Table 1 Cognitive-behavioral group psycho-education program sessions

The Control Condition

Psychological support receiving status of the adolescents was considered as the control condition in the present study. School psychological counselors verified throughout the experimental procedure whether the adolescents in the experiment and control groups received any psychological support or not. Moreover, the adolescents in the experiment and control groups were evaluated with regard to the risks other than the risk factors selected in the risk identification list.

Procedure

Selecting the individuals for research applications via random method is one of the conditions of the experimental pattern (Hovardaoğlu, 2007). For this purpose, the List of Determining Risk Factors was applied on 272 students ongoing their education in the ninth grade prior to starting the psycho-education application (see Fig. 1). A total of 29 students who marked 3 and more risk factors from among the applied List of Determining Risk Factors were selected after which the students were numbered and their numbers were placed in a bag for separating the students into experiment-control groups randomly and without bias based solely on drawing numbers from the bag. Post-test application could not be carried out and was removed from the study since one individual from the control group left the school after the pre-test application. Individual interviews were carried out with the students selected for the experiment group in order to ensure that the participants volunteer for their participation to the psycho-education sessions. In addition, informed consents were acquired from the families of the students. During the interviews, the students were informed on the duration of the psycho-education program, the location where the sessions will be held as well as the number of sessions and their schedule. Afterwards, the students in the experiment and control groups were subject to Resiliency Scale, Irrational Beliefs Scale-Adolescent Form and Subjective Well-Being Scale-High School Form.Cognitive Behavioral Approach Based Psycho-Education Program was applied by the first author on the experiment group for a period of 10 weeks (March 2017, June 2017). No procedure was performed for the control group. The scales were reapplied to the groups as post-test application at the end of the 10 weeks during which the experiment group was subject to the psycho-education program. Follow-up measurements were conducted on the experiment and control groups 5 months (October 2017) after the experimental procedure.

Fig. 1
figure 1

Flow diagram for randomized controlled trials of cognitive behavioral based psycho-education groups for adolesencents

Therapists

The primary author of the study who conducted is a 26-year-old female.
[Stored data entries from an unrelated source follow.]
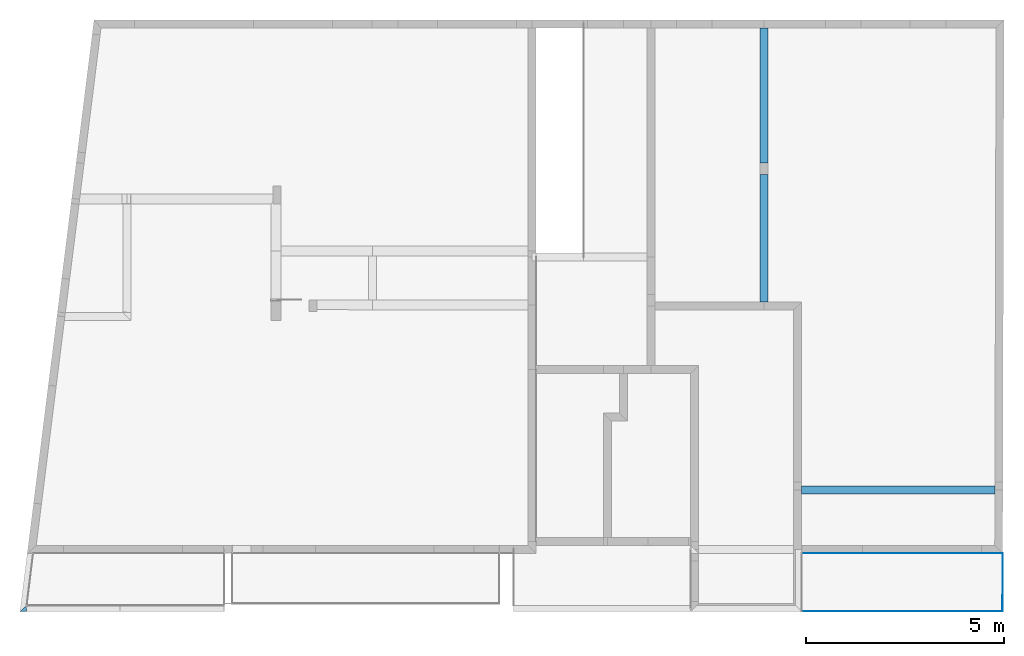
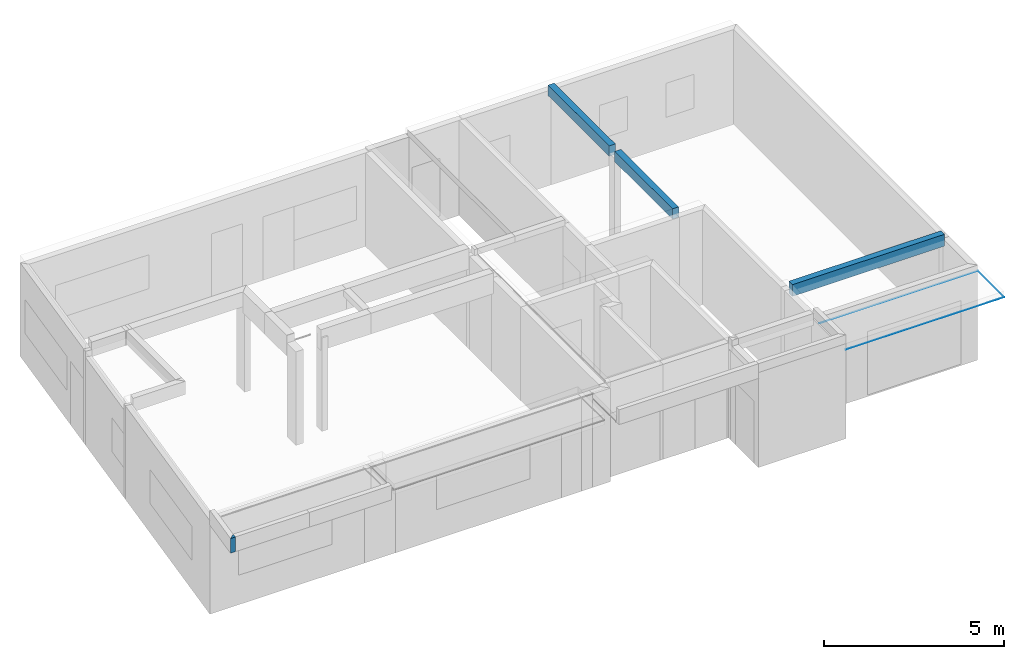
# One storey, part 2 of 17: 7 beams.
"""IFC2X3 building model written with IfcOpenShell, lengths in metres."""

import ifcopenshell
import ifcopenshell.guid

model = None  # the IFC model being written
_history = None  # IfcOwnerHistory: only IFC2X3 demands one
_inside = {}  # id of a spatial element -> (the spatial element, [elements in it])
_under = {}  # id of a project, library or spatial element -> (it, [spatial elements below it])
_declared = {}  # id of a project -> (the project, [libraries it declares])
_typed = {}  # id of a type object -> (the type object, [elements of that type])
_made_of = {}  # id of a material, layer set ... -> (it, [elements and type objects made of it])


def new_model(schema):
    """Start an empty IFC model of exactly this schema.

    Asked for "IFC4X3", IfcOpenShell would pick the latest addendum, in which some entities
    have other attributes; the version numbers below select the first issue.
    IFC2X3 requires an IfcOwnerHistory on every rooted entity: one is made here for all.
    """
    global model, _history
    if schema == "IFC4X3":
        model = ifcopenshell.file(schema_version=(4, 3, 0, 0))
    else:
        model = ifcopenshell.file(schema=schema)
    _inside.clear()
    _under.clear()
    _declared.clear()
    _typed.clear()
    _made_of.clear()
    _history = None
    if model.schema == "IFC2X3":
        org = make("IfcOrganization", Name="unknown")
        user = make(
            "IfcPersonAndOrganization",
            ThePerson=make("IfcPerson", FamilyName="unknown"),
            TheOrganization=org,
        )
        app = make(
            "IfcApplication",
            ApplicationDeveloper=org,
            Version="unknown",
            ApplicationFullName="unknown",
            ApplicationIdentifier="unknown",
        )
        _history = make(
            "IfcOwnerHistory",
            OwningUser=user,
            OwningApplication=app,
            ChangeAction="ADDED",
            CreationDate=0,
        )
    return model


def make(cls, **values):
    """One entity of the class cls with the attributes given. An attribute that is None is left unset."""
    return model.create_entity(
        cls, **{name: value for name, value in values.items() if value is not None}
    )


def rooted(cls, **values):
    """An entity with a GlobalId (a new one), such as an element, a storey or a relation."""
    return make(cls, GlobalId=ifcopenshell.guid.new(), OwnerHistory=_history, **values)


def si_unit(unit_type, name, prefix=None):
    """IfcSIUnit, for example si_unit("LENGTHUNIT", "METRE", prefix="MILLI")."""
    return make("IfcSIUnit", UnitType=unit_type, Prefix=prefix, Name=name)


def assignment(units):
    """IfcUnitAssignment: the units of a project."""
    return None if units is None else make("IfcUnitAssignment", Units=units)


def point(xyz):
    """IfcCartesianPoint."""
    return None if xyz is None else make("IfcCartesianPoint", Coordinates=xyz)


def direction(xyz):
    """IfcDirection."""
    return None if xyz is None else make("IfcDirection", DirectionRatios=xyz)


def frame(location, z_axis=None, x_axis=None):
    """IfcAxis2Placement3D, a coordinate frame: its origin and axes. An axis left out is left unset."""
    return make(
        "IfcAxis2Placement3D",
        Location=point(location),
        Axis=direction(z_axis),
        RefDirection=direction(x_axis),
    )


def origin_with_axes():
    """The frame at (0, 0, 0) with the z axis (0, 0, 1) and the x axis (1, 0, 0) written out."""
    return frame((0.0, 0.0, 0.0), z_axis=(0.0, 0.0, 1.0), x_axis=(1.0, 0.0, 0.0))


def place(relative_to, where):
    """IfcLocalPlacement: puts the frame where relative to a parent placement (None: the world)."""
    return make(
        "IfcLocalPlacement", PlacementRelTo=relative_to, RelativePlacement=where
    )


def context(
    kind, dimensions, precision=None, world=None, true_north=None, identifier=None
):
    """IfcGeometricRepresentationContext, for example the 3D "Model" context."""
    return make(
        "IfcGeometricRepresentationContext",
        ContextIdentifier=identifier,
        ContextType=kind,
        CoordinateSpaceDimension=dimensions,
        Precision=precision,
        WorldCoordinateSystem=world,
        TrueNorth=true_north,
    )


def subcontext(parent, identifier, kind, view, scale=None):
    """IfcGeometricRepresentationSubContext, for example "Body" below "Model"."""
    return make(
        "IfcGeometricRepresentationSubContext",
        ContextIdentifier=identifier,
        ContextType=kind,
        ParentContext=parent,
        TargetScale=scale,
        TargetView=view,
    )


def project(units=None, contexts=None):
    """IfcProject with its units and contexts."""
    return rooted(
        "IfcProject",
        Name="project",
        RepresentationContexts=contexts,
        UnitsInContext=assignment(units),
    )


def spatial(cls, under=None, at=None, **own):
    """A site, building, storey or space (cls), placed at a placement, below another one or the project."""
    s = rooted(cls, ObjectPlacement=at, **own)
    if under is not None:
        _under.setdefault(under.id(), (under, []))[1].append(s)
    return s


def polyline(points):
    """IfcPolyline through the points."""
    return make("IfcPolyline", Points=[point(p) for p in points])


def outline(outer, holes=None, kind="AREA"):
    """IfcArbitraryClosedProfileDef: a profile drawn as a closed curve; with holes, ...WithVoids."""
    if holes is None:
        return make("IfcArbitraryClosedProfileDef", ProfileType=kind, OuterCurve=outer)
    return make(
        "IfcArbitraryProfileDefWithVoids",
        ProfileType=kind,
        OuterCurve=outer,
        InnerCurves=holes,
    )


def extrude(swept, where, along, depth):
    """IfcExtrudedAreaSolid: the profile swept, set in the frame where, extruded along a direction by depth."""
    return make(
        "IfcExtrudedAreaSolid",
        SweptArea=swept,
        Position=where,
        ExtrudedDirection=direction(along),
        Depth=depth,
    )


def shape(context_of_items, identifier, shape_type, items):
    """IfcShapeRepresentation: the items that make up one representation, for example the "Body"."""
    return make(
        "IfcShapeRepresentation",
        ContextOfItems=context_of_items,
        RepresentationIdentifier=identifier,
        RepresentationType=shape_type,
        Items=items,
    )


def material(Name=None, Category=None):
    """IfcMaterial."""
    return make("IfcMaterial", Name=Name, Category=Category)


def made_of(thing, what):
    """Note that an element or type object is made of a material, layer set ...; save() writes the relation."""
    if what is not None:
        _made_of.setdefault(what.id(), (what, []))[1].append(thing)
    return thing


def type_object(cls, material=None, **own):
    """A type object (cls), such as IfcWallType, which elements share."""
    return made_of(rooted(cls, **own), material)


def element(
    cls,
    number,
    at=None,
    inside=None,
    cuts=None,
    type_object=None,
    material=None,
    context=None,
    identifier="Body",
    shape_type=None,
    held_by="IfcProductDefinitionShape",
    body=None,
    shapes=None,
    **own,
):
    """One element of the class cls, such as IfcWall. Its Tag is "e" and its number.

    at: its placement. inside: the storey or other place that contains it. cuts: it is an
    opening in that element (IfcRelVoidsElement). A single representation is given by context,
    identifier, shape_type and body (its items); several are given by shapes. held_by: the class
    of the entity that holds the representations. save() writes the other relations.
    """
    e = rooted(cls, Tag="e%d" % number, ObjectPlacement=at, **own)
    if body is not None:
        shapes = [shape(context, identifier, shape_type, body)]
    if shapes is not None:
        e.Representation = make(held_by, Representations=shapes)
    if inside is not None:
        _inside.setdefault(inside.id(), (inside, []))[1].append(e)
    if cuts is not None:
        rooted(
            "IfcRelVoidsElement", RelatingBuildingElement=cuts, RelatedOpeningElement=e
        )
    if type_object is not None:
        _typed.setdefault(type_object.id(), (type_object, []))[1].append(e)
    return made_of(e, material)


def aggregate(whole, parts):
    """IfcRelAggregates: a whole, such as a stair, and the parts it consists of."""
    return rooted("IfcRelAggregates", RelatingObject=whole, RelatedObjects=parts)


def save(model, path):
    """Write the relations noted so far, then the file.

    IfcRelAggregates (storeys below a building ...), IfcRelContainedInSpatialStructure (elements
    in a storey), IfcRelDefinesByType, IfcRelAssociatesMaterial and IfcRelDeclares: one each for
    every whole, place, type object, material and project.
    """
    for whole, parts in _under.values():
        aggregate(whole, parts)
    for where, things in _inside.values():
        rooted(
            "IfcRelContainedInSpatialStructure",
            RelatedElements=things,
            RelatingStructure=where,
        )
    for kind, things in _typed.values():
        rooted("IfcRelDefinesByType", RelatedObjects=things, RelatingType=kind)
    for what, things in _made_of.values():
        rooted("IfcRelAssociatesMaterial", RelatedObjects=things, RelatingMaterial=what)
    for by, libraries in _declared.values():
        rooted("IfcRelDeclares", RelatingContext=by, RelatedDefinitions=libraries)
    model.write(path)


model = new_model("IFC2X3")

# Units and contexts
model_context = context("Model", 3, precision=0.0001, world=origin_with_axes(), true_north=direction((0.0, 1.0)))
plan_context = context("Plan", 2, precision=0.0001, world=origin_with_axes(), true_north=direction((0.0, 1.0)))
body_context = subcontext(model_context, "Body", "Model", "MODEL_VIEW")
ifc_project = project(units=[si_unit("MASSUNIT", "GRAM", prefix="KILO"), si_unit("AREAUNIT", "SQUARE_METRE"), si_unit("LENGTHUNIT", "METRE"), si_unit("VOLUMEUNIT", "CUBIC_METRE")], contexts=[plan_context, model_context])

# Site, building, storey
site_placement = place(None, origin_with_axes())
site = spatial("IfcSite", under=ifc_project, at=site_placement, Name="$", CompositionType="ELEMENT")
building_placement = place(site_placement, origin_with_axes())
building = spatial("IfcBuilding", under=site, at=building_placement, Name="Classeur ENS Ensemble", CompositionType="ELEMENT")
storey_placement = place(building_placement, frame((-20.30778888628, -1.812671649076, 0.0), z_axis=(0.0, 0.0, 1.0), x_axis=(1.0, 0.0, 0.0)))
storey = spatial("IfcBuildingStorey", under=building, at=storey_placement, Name="001 RdC", CompositionType="ELEMENT", Elevation=0.0)

# Beams
ifc_material = material(Name="Default material")
beam_type = type_object("IfcBeamType", PredefinedType="BEAM")
beam_1_placement = place(storey_placement, frame((38.08329531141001, -10.06773184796, 2.900000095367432), z_axis=(0.0, 0.0, 1.0), x_axis=(1.0, 0.0, 0.0)))
element("IfcBeam", 1, at=beam_1_placement, inside=storey, type_object=beam_type, material=ifc_material, Name="poutre BA", context=body_context, shape_type="SweptSolid", held_by="IfcProductRepresentation", body=[
    extrude(outline(polyline([(0.1000000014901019, 0.1000000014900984), (0.1000000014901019, 0.1000000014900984), (0.1000000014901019, 0.1000000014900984), (4.975803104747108, 0.1000000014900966), (4.975803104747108, 0.1000000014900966), (4.975803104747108, 0.1000000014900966), (4.97529421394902, -0.1000000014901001), (4.97529421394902, -0.1000000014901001), (4.97529421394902, -0.1000000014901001), (0.1000000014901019, -0.1000000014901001), (0.1000000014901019, -0.1000000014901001), (0.1000000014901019, -0.1000000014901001), (0.1000000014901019, 0.1000000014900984)])), origin_with_axes(), (0.0, 0.0, 1.0), 0.4000000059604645),
])
beam_2_placement = place(storey_placement, frame((37.23329531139, -5.427328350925, 2.950000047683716), z_axis=(0.0, 0.0, 1.0), x_axis=(3.015787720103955e-12, 1.0, 0.0)))
element("IfcBeam", 2, at=beam_2_placement, inside=storey, type_object=beam_type, material=ifc_material, Name="poutre BA", context=body_context, shape_type="SweptSolid", held_by="IfcProductRepresentation", body=[
    extrude(outline(polyline([(0.1000000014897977, 0.1000000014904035), (0.1000000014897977, 0.1000000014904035), (0.1000000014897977, 0.1000000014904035), (3.315, 0.1000000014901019), (3.315, 0.1000000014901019), (3.315, 0.1000000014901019), (3.315, -0.1000000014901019), (3.315, -0.1000000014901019), (3.315, -0.1000000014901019), (0.1000000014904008, -0.1000000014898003), (0.1000000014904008, -0.1000000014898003), (0.1000000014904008, -0.1000000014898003), (0.1000000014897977, 0.1000000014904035)])), origin_with_axes(), (0.0, 0.0, 1.0), 0.3499999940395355),
])
beam_3_placement = place(storey_placement, frame((37.2332953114, -1.812328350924, 2.950000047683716), z_axis=(0.0, 0.0, 1.0), x_axis=(0.0, 1.0, 0.0)))
element("IfcBeam", 3, at=beam_3_placement, inside=storey, type_object=beam_type, material=ifc_material, Name="poutre BA", context=body_context, shape_type="SweptSolid", held_by="IfcProductRepresentation", body=[
    extrude(outline(polyline([(0.0, 0.1000000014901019), (0.0, 0.1000000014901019), (0.0, 0.1000000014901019), (3.4049999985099, 0.1000000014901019), (3.4049999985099, 0.1000000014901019), (3.4049999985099, 0.1000000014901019), (3.4049999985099, -0.1000000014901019), (3.4049999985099, -0.1000000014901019), (3.4049999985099, -0.1000000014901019), (0.0, -0.1000000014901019), (0.0, -0.1000000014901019), (0.0, -0.1000000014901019), (0.0, 0.1000000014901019)])), origin_with_axes(), (0.0, 0.0, 1.0), 0.3499999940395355),
])
beam_4_placement = place(storey_placement, frame((43.25104689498, -13.13232835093, 2.900000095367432), z_axis=(0.0, 0.0, 1.0), x_axis=(0.002544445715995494, 0.9999967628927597, 0.0)))
element("IfcBeam", 4, at=beam_4_placement, inside=storey, type_object=beam_type, material=ifc_material, Name="poutre fictive", context=body_context, shape_type="SweptSolid", held_by="IfcProductRepresentation", body=[
    extrude(outline(polyline([(-2.31435108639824e-15, 0.001000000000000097), (-2.31435108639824e-15, 0.001000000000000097), (-2.31435108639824e-15, 0.001000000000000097), (1.465202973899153, 0.000999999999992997), (1.465202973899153, 0.000999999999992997), (1.465202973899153, 0.000999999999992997), (1.465202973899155, -0.001000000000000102), (1.465202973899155, -0.001000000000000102), (1.465202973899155, -0.001000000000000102), (5.199202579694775e-16, -0.0009999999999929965), (5.199202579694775e-16, -0.0009999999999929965), (5.199202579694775e-16, -0.0009999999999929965), (-2.31435108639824e-15, 0.001000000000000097)])), origin_with_axes(), (0.0, 0.0, 1.0), 0.001),
])
beam_5_placement = place(storey_placement, frame((38.18329531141, -13.13232835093, 2.900000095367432), z_axis=(0.0, 0.0, 1.0), x_axis=(0.9999999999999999, 0.0, 0.0)))
element("IfcBeam", 5, at=beam_5_placement, inside=storey, type_object=beam_type, material=ifc_material, Name="poutre fictive", context=body_context, shape_type="SweptSolid", held_by="IfcProductRepresentation", body=[
    extrude(outline(polyline([(0.0, 0.000999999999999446), (0.0, 0.000999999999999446), (0.0, 0.000999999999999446), (5.067751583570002, 0.000999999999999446), (5.067751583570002, 0.000999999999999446), (5.067751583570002, 0.000999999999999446), (5.067751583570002, -0.001000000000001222), (5.067751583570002, -0.001000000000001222), (5.067751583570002, -0.001000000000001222), (0.0, -0.001000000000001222), (0.0, -0.001000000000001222), (0.0, -0.001000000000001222), (0.0, 0.000999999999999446)])), origin_with_axes(), (0.0, 0.0, 1.0), 0.001),
])
beam_6_placement = place(storey_placement, frame((38.18329531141, -11.66732835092, 2.900000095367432), z_axis=(0.0, 0.0, 1.0), x_axis=(0.9999999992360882, 3.908738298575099e-05, 0.0)))
element("IfcBeam", 6, at=beam_6_placement, inside=storey, type_object=beam_type, material=ifc_material, Name="poutre fictive", context=body_context, shape_type="SweptSolid", held_by="IfcProductRepresentation", body=[
    extrude(outline(polyline([(7.65927822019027e-16, 0.000999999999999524), (7.65927822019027e-16, 0.000999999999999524), (7.65927822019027e-16, 0.000999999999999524), (5.071479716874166, 0.000999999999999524), (5.071479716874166, 0.000999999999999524), (5.071479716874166, 0.000999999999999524), (5.071479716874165, -0.000999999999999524), (5.071479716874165, -0.000999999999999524), (5.071479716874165, -0.000999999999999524), (-7.659972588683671e-16, -0.0010000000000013), (-7.659972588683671e-16, -0.0010000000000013), (-7.659972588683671e-16, -0.0010000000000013), (7.65927822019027e-16, 0.000999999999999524)])), origin_with_axes(), (0.0, 0.0, 1.0), 0.001),
])
beam_7_placement = place(storey_placement, frame((18.54244853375, -13.05732835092, 2.900000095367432), z_axis=(0.0, 0.0, 1.0), x_axis=(1.0, 0.0, 0.0)))
element("IfcBeam", 7, at=beam_7_placement, inside=storey, type_object=beam_type, material=ifc_material, Name="poutre BA rive balcon", context=body_context, shape_type="SweptSolid", held_by="IfcProductRepresentation", body=[
    extrude(outline(polyline([(0.08497188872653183, 0.07500000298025), (0.08497188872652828, 0.07500000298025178), (0.08497188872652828, 0.07500000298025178), (0.07558512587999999, 0.07500000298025), (0.07558512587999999, 0.07500000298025), (0.07558512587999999, 0.07500000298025), (0.07558512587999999, -0.07500000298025), (0.07558512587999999, -0.07500000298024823), (0.07558512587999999, -0.07500000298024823), (-0.08497188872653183, -0.07500000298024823), (-0.08497188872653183, -0.07500000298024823), (-0.08497188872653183, -0.07500000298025), (0.08497188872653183, 0.07500000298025)])), origin_with_axes(), (0.0, 0.0, 1.0), 0.5),
])

save(model, "model.ifc")

The author has completed her undergraduate and graduate education in the field of Psychological Counseling and Guidance. The author has been working as a psychological counselor for adolescents for five years. The primary author has completed the 450 h CBT training accredited and certified by the European Association for Behavioral and Cognitive Therapies (EABCT). The second author of the study provided supervision to the primary author during implementation. The Cognitive Behavioral Approach Based Group Psycho-Education has been developed by the team led by the second author. For this reason, supervision support was provided to the primary author. The second author provided training to the primary author regarding the skills and knowledge related with software usage. The checklist of the software manual was followed. The second author has completed her undergraduate, master’s degree, doctorate and associate professorship in the field of Psychological Counseling and Guidance. In addition, the second author has also completed the 450 h CBT training accredited by the European Association for Behavioral and Cognitive Therapies (EABCT).

Data Analysis

The normality test of the data for the experiment and control groups was examined via Shapiro-Wilks during the study. Levene test was conducted prior to the analyses to examine whether the variances of the parametric test assumptions are homogeneous or not. Table 2 presents the Levene test and Shapiro–Wilk test results for each dependent variable.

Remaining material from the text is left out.